Deep earthquakes, 300 to 700 km deep, have been observed for decades and shown to originate from major mineral transformations occurring at these depths, including phase transitions of olivine and pyroxenes. Yet, we still do not fully grasp their mechanism. Although transformational faulting in the rim of the metastable olivine wedge (MOW) is hypothesized as a triggering mechanism of deep-focus earthquakes, there is no direct seismic evidence of such rim. Variations of b-value – slope of the Gutenberg-Richter distribution – have been used to decipher triggering and rupture mechanisms of earthquakes. However, regarding deep-focus earthquakes the detection limit prevents full understanding of rupture nucleation at all sizes.

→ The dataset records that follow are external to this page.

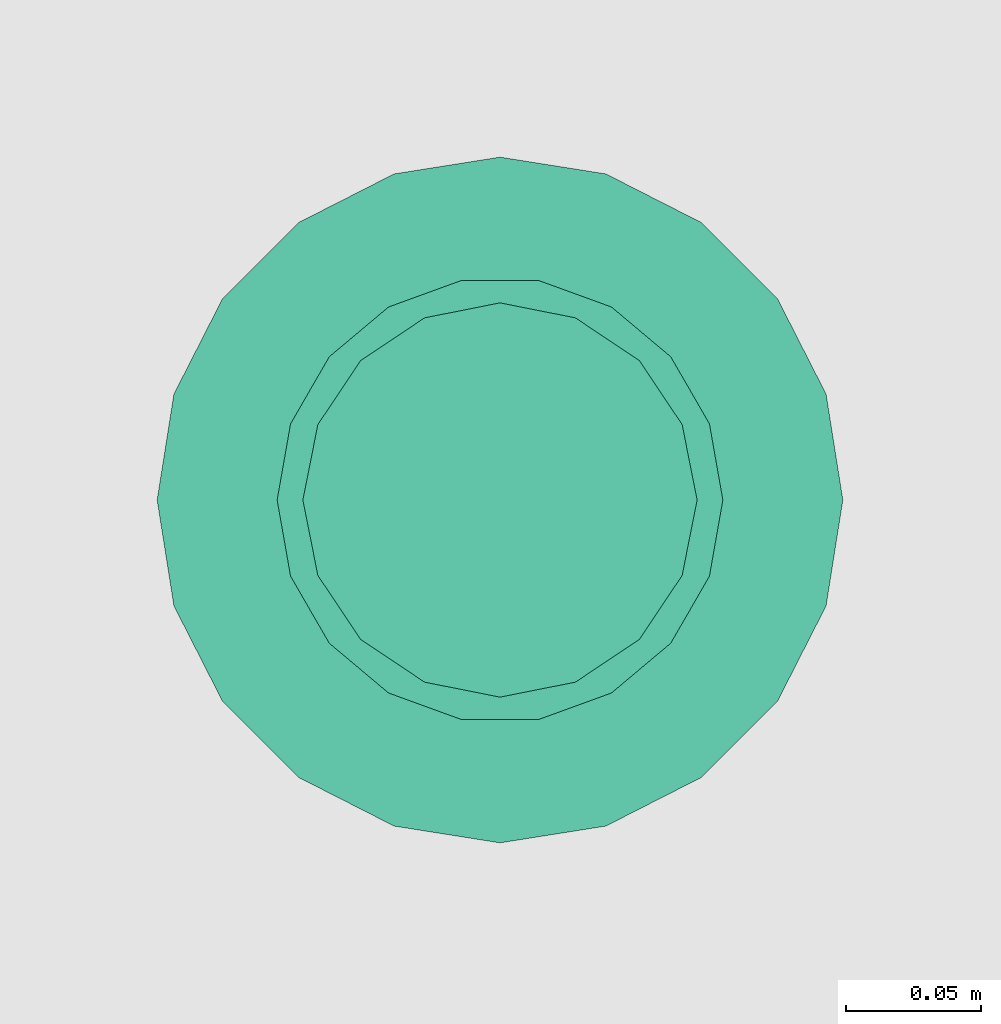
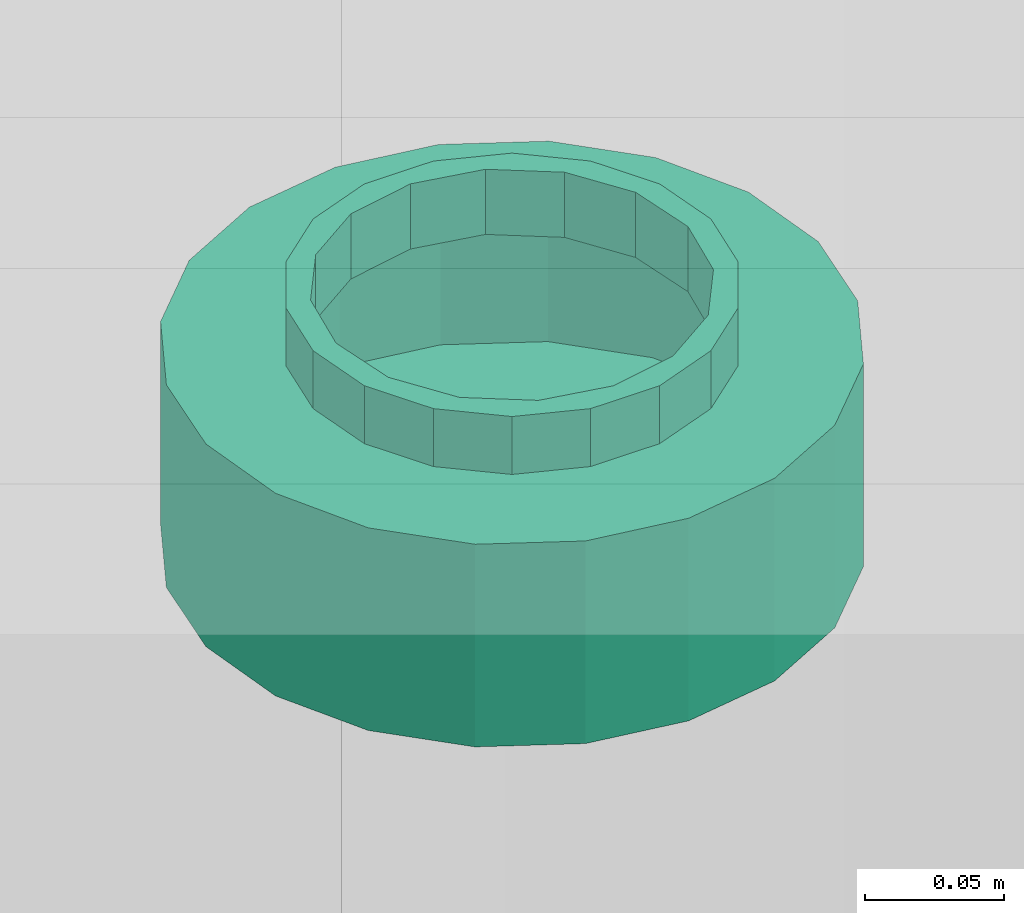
# One storey, part 20 of 28: 1 flow terminal.
"""IFC2X3 building model written with IfcOpenShell, lengths in feet."""

from ifc_helpers import new_model, entity, si_unit, converted_unit, derived_unit, direction, frame, origin, place, context, subcontext, project, spatial, faceted_brep, source, transform, mapped, material, material_list, type_object, type_shapes, element, save


model = new_model("IFC2X3")

# Units and contexts
model_context = context("Model", 3, precision=0.0001, world=origin(), true_north=direction((6.12303176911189e-17, 1.0)))
body_context = subcontext(model_context, "Body", "Model", "MODEL_VIEW")
ifc_project = project(units=[converted_unit("LENGTHUNIT", "FOOT", entity("IfcRatioMeasure", 0.3048), si_unit("LENGTHUNIT", "METRE"), dimensions=[1, 0, 0, 0, 0, 0, 0]), converted_unit("AREAUNIT", "SQUARE FOOT", entity("IfcRatioMeasure", 0.09290304), si_unit("AREAUNIT", "SQUARE_METRE"), dimensions=[2, 0, 0, 0, 0, 0, 0]), converted_unit("VOLUMEUNIT", "CUBIC FOOT", entity("IfcRatioMeasure", 0.028316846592), si_unit("VOLUMEUNIT", "CUBIC_METRE"), dimensions=[3, 0, 0, 0, 0, 0, 0]), converted_unit("PLANEANGLEUNIT", "DEGREE", entity("IfcRatioMeasure", 0.0174532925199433), si_unit("PLANEANGLEUNIT", "RADIAN"), dimensions=[0, 0, 0, 0, 0, 0, 0]), si_unit("MASSUNIT", "GRAM", prefix="KILO"), derived_unit("MASSDENSITYUNIT", [(si_unit("MASSUNIT", "GRAM", prefix="KILO"), 1), (si_unit("LENGTHUNIT", "METRE"), -3)]), si_unit("TIMEUNIT", "SECOND"), si_unit("FREQUENCYUNIT", "HERTZ"), si_unit("THERMODYNAMICTEMPERATUREUNIT", "DEGREE_CELSIUS"), derived_unit("THERMALTRANSMITTANCEUNIT", [(si_unit("MASSUNIT", "GRAM", prefix="KILO"), 1), (si_unit("THERMODYNAMICTEMPERATUREUNIT", "KELVIN"), -1), (si_unit("TIMEUNIT", "SECOND"), -3)]), derived_unit("VOLUMETRICFLOWRATEUNIT", [(si_unit("LENGTHUNIT", "METRE"), 3), (si_unit("TIMEUNIT", "SECOND"), -1)]), si_unit("ELECTRICCURRENTUNIT", "AMPERE"), si_unit("ELECTRICVOLTAGEUNIT", "VOLT"), si_unit("POWERUNIT", "WATT"), si_unit("FORCEUNIT", "NEWTON"), si_unit("ILLUMINANCEUNIT", "LUX"), si_unit("LUMINOUSFLUXUNIT", "LUMEN"), si_unit("LUMINOUSINTENSITYUNIT", "CANDELA"), derived_unit("USERDEFINED", [(si_unit("MASSUNIT", "GRAM", prefix="KILO"), -1), (si_unit("LENGTHUNIT", "METRE"), -2), (si_unit("TIMEUNIT", "SECOND"), 3), (si_unit("LUMINOUSFLUXUNIT", "LUMEN"), 1)]), derived_unit("LINEARVELOCITYUNIT", [(si_unit("LENGTHUNIT", "METRE"), 1), (si_unit("TIMEUNIT", "SECOND"), -1)]), si_unit("PRESSUREUNIT", "PASCAL"), derived_unit("USERDEFINED", [(si_unit("LENGTHUNIT", "METRE"), -2), (si_unit("MASSUNIT", "GRAM", prefix="KILO"), 1), (si_unit("TIMEUNIT", "SECOND"), -2)])], contexts=[model_context])

# Site, building, storey
site_placement = place(None, origin())
site = spatial("IfcSite", under=ifc_project, at=site_placement, Name="表面", CompositionType="ELEMENT")
building_placement = place(site_placement, origin())
building = spatial("IfcBuilding", under=site, at=building_placement, CompositionType="ELEMENT")
storey_placement = place(building_placement, frame((0.0, 0.0, 10.0)))
storey = spatial("IfcBuildingStorey", under=building, at=storey_placement, Name="Level 2", CompositionType="ELEMENT", Elevation=9.99999999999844)

# Flow terminal
ifc_material_1 = material(Name="Metal - Paint Finish - Dark Gray, Matte")
ifc_material_2 = material(Name="Glass - White, High Luminance")
ifc_material_list_1 = material_list([ifc_material_1, ifc_material_2])
ifc_material_list_2 = material_list([ifc_material_1, ifc_material_2])
light_fixture_type = type_object("IfcLightFixtureType", Name="100W - 277V", PredefinedType="NOTDEFINED", material=ifc_material_list_2)
shared_shape = source(origin(), body_context, "Body", "Brep", [
    faceted_brep([(0.557291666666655, 0.187326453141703, 0.374999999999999), (0.598651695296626, 0.245098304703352, 0.374999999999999), (0.558098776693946, 0.218001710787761, 0.374999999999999), (0.629345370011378, 0.247786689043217, 0.374999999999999), (0.517545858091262, 0.190905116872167, 0.374999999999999), (0.468904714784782, 0.155156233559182, 0.374999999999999), (0.625748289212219, 0.285651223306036, 0.374999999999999), (0.65284488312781, 0.326204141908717, 0.374999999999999), (0.676375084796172, 0.329244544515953, 0.374999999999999), (0.6623599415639, 0.374039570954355, 0.374999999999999), (0.671874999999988, 0.42187499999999, 0.374999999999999), (0.692708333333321, 0.421874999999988, 0.374999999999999), (0.676375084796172, 0.514505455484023, 0.374999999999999), (0.662359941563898, 0.469710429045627, 0.374999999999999), (0.652844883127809, 0.517545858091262, 0.374999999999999), (0.629345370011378, 0.595963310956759, 0.374999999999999), (0.625748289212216, 0.558098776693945, 0.374999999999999), (0.598651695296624, 0.598651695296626, 0.374999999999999), (0.557291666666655, 0.656423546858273, 0.374999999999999), (0.55809877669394, 0.625748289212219, 0.374999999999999), (0.517545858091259, 0.65284488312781, 0.374999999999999), (0.468904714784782, 0.688593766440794, 0.374999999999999), (0.469710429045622, 0.662359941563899, 0.374999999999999), (0.421874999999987, 0.671874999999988, 0.374999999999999), (0.374845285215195, 0.688593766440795, 0.374999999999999), (0.374039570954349, 0.662359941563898, 0.374999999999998), (0.326204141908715, 0.652844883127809, 0.374999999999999), (0.286458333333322, 0.656423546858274, 0.374999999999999), (0.285651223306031, 0.625748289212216, 0.374999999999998), (0.245098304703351, 0.598651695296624, 0.374999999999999), (0.214404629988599, 0.59596331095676, 0.374999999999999), (0.218001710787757, 0.558098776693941, 0.374999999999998), (0.190905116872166, 0.51754585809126, 0.374999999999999), (0.167374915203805, 0.514505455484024, 0.374999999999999), (0.181390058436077, 0.469710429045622, 0.374999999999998), (0.171874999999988, 0.421874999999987, 0.374999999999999), (0.151041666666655, 0.421874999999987, 0.374999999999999), (0.167374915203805, 0.329244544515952, 0.374999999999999), (0.181390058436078, 0.374039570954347, 0.374999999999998), (0.190905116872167, 0.326204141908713, 0.374999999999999), (0.214404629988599, 0.247786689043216, 0.374999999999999), (0.218001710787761, 0.28565122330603, 0.374999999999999), (0.245098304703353, 0.245098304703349, 0.374999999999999), (0.286458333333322, 0.187326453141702, 0.374999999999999), (0.285651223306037, 0.218001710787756, 0.374999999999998), (0.326204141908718, 0.190905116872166, 0.374999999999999), (0.374845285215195, 0.155156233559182, 0.374999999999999), (0.42187499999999, 0.171874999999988, 0.374999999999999), (0.374039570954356, 0.181390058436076, 0.374999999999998), (0.469710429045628, 0.181390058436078, 0.374999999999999), (0.557291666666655, 0.656423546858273, 0.291666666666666), (0.598651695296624, 0.598651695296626, 0.291666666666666), (0.55809877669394, 0.625748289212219, 0.291666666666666), (0.629345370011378, 0.595963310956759, 0.291666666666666), (0.517545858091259, 0.65284488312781, 0.291666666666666), (0.468904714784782, 0.688593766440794, 0.291666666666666), (0.625748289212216, 0.558098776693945, 0.291666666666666), (0.652844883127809, 0.517545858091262, 0.291666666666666), (0.676375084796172, 0.514505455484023, 0.291666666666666), (0.662359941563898, 0.469710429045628, 0.291666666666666), (0.671874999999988, 0.42187499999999, 0.291666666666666), (0.692708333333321, 0.421874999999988, 0.291666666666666), (0.676375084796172, 0.329244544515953, 0.291666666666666), (0.659760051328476, 0.36096904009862, 0.291666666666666), (0.65284488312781, 0.326204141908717, 0.291666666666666), (0.629345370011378, 0.247786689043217, 0.291666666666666), (0.625748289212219, 0.285651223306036, 0.291666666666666), (0.598651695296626, 0.245098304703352, 0.291666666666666), (0.557291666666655, 0.187326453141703, 0.291666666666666), (0.558098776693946, 0.218001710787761, 0.291666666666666), (0.517545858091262, 0.190905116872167, 0.291666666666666), (0.468904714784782, 0.155156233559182, 0.291666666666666), (0.469710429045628, 0.181390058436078, 0.291666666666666), (0.42187499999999, 0.171874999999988, 0.291666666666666), (0.374845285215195, 0.155156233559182, 0.291666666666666), (0.374039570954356, 0.181390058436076, 0.291666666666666), (0.326204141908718, 0.190905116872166, 0.291666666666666), (0.286458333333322, 0.187326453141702, 0.291666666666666), (0.285651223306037, 0.218001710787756, 0.291666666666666), (0.245098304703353, 0.245098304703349, 0.291666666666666), (0.214404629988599, 0.247786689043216, 0.291666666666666), (0.218001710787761, 0.28565122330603, 0.291666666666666), (0.190905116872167, 0.326204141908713, 0.291666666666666), (0.167374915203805, 0.329244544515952, 0.291666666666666), (0.181390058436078, 0.374039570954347, 0.291666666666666), (0.171874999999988, 0.421874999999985, 0.291666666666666), (0.151041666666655, 0.421874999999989, 0.291666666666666), (0.167374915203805, 0.514505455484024, 0.291666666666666), (0.183989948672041, 0.482780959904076, 0.291666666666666), (0.190905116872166, 0.51754585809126, 0.291666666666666), (0.214404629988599, 0.59596331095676, 0.291666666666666), (0.218001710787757, 0.558098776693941, 0.291666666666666), (0.245098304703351, 0.598651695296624, 0.291666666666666), (0.286458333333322, 0.656423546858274, 0.291666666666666), (0.285651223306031, 0.625748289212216, 0.291666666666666), (0.326204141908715, 0.652844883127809, 0.291666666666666), (0.374845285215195, 0.688593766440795, 0.291666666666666), (0.421874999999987, 0.671874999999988, 0.291666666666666), (0.374039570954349, 0.662359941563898, 0.291666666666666), (0.469710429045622, 0.662359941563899, 0.291666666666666)], [[[0, 1, 2]], [[1, 0, 3]], [[0, 2, 4]], [[4, 5, 0]], [[3, 6, 1]], [[3, 7, 6]], [[7, 3, 8]], [[8, 9, 7]], [[8, 10, 9]], [[10, 8, 11]], [[10, 11, 12]], [[12, 13, 10]], [[12, 14, 13]], [[15, 14, 12]], [[15, 16, 14]], [[15, 17, 16]], [[18, 17, 15]], [[18, 19, 17]], [[18, 20, 19]], [[21, 20, 18]], [[21, 22, 20]], [[21, 23, 22]], [[24, 23, 21]], [[24, 25, 23]], [[24, 26, 25]], [[27, 26, 24]], [[27, 28, 26]], [[27, 29, 28]], [[29, 27, 30]], [[30, 31, 29]], [[30, 32, 31]], [[32, 30, 33]], [[33, 34, 32]], [[33, 35, 34]], [[36, 35, 33]], [[37, 35, 36]], [[37, 38, 35]], [[37, 39, 38]], [[39, 37, 40]], [[40, 41, 39]], [[40, 42, 41]], [[42, 40, 43]], [[43, 44, 42]], [[43, 45, 44]], [[45, 43, 46]], [[47, 46, 5]], [[46, 47, 48]], [[46, 48, 45]], [[5, 4, 49]], [[5, 49, 47]], [[50, 51, 52]], [[51, 50, 53]], [[50, 52, 54]], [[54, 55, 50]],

With one of the most complete catalogs, the Japan Meteorological Agency (JMA) catalog, we estimate the b values of deep-focus earthquakes (> 300 km) of four clusters in the NW Pacific Plate based on unsupervised machine learning. The applied K-means, Spectral and Gaussian Mixture Models Clustering algorithms divide the events into four clusters. For the first time, we observe kinks in the b values with abrupt reductions from 1.5–1.8 down to 0.7–1.0 at a threshold Mw of 3.7–3.8 for the Honshu and Izu clusters, while normal constant b values (0.9–1.0) are observed for the Bonin and Kuril clusters.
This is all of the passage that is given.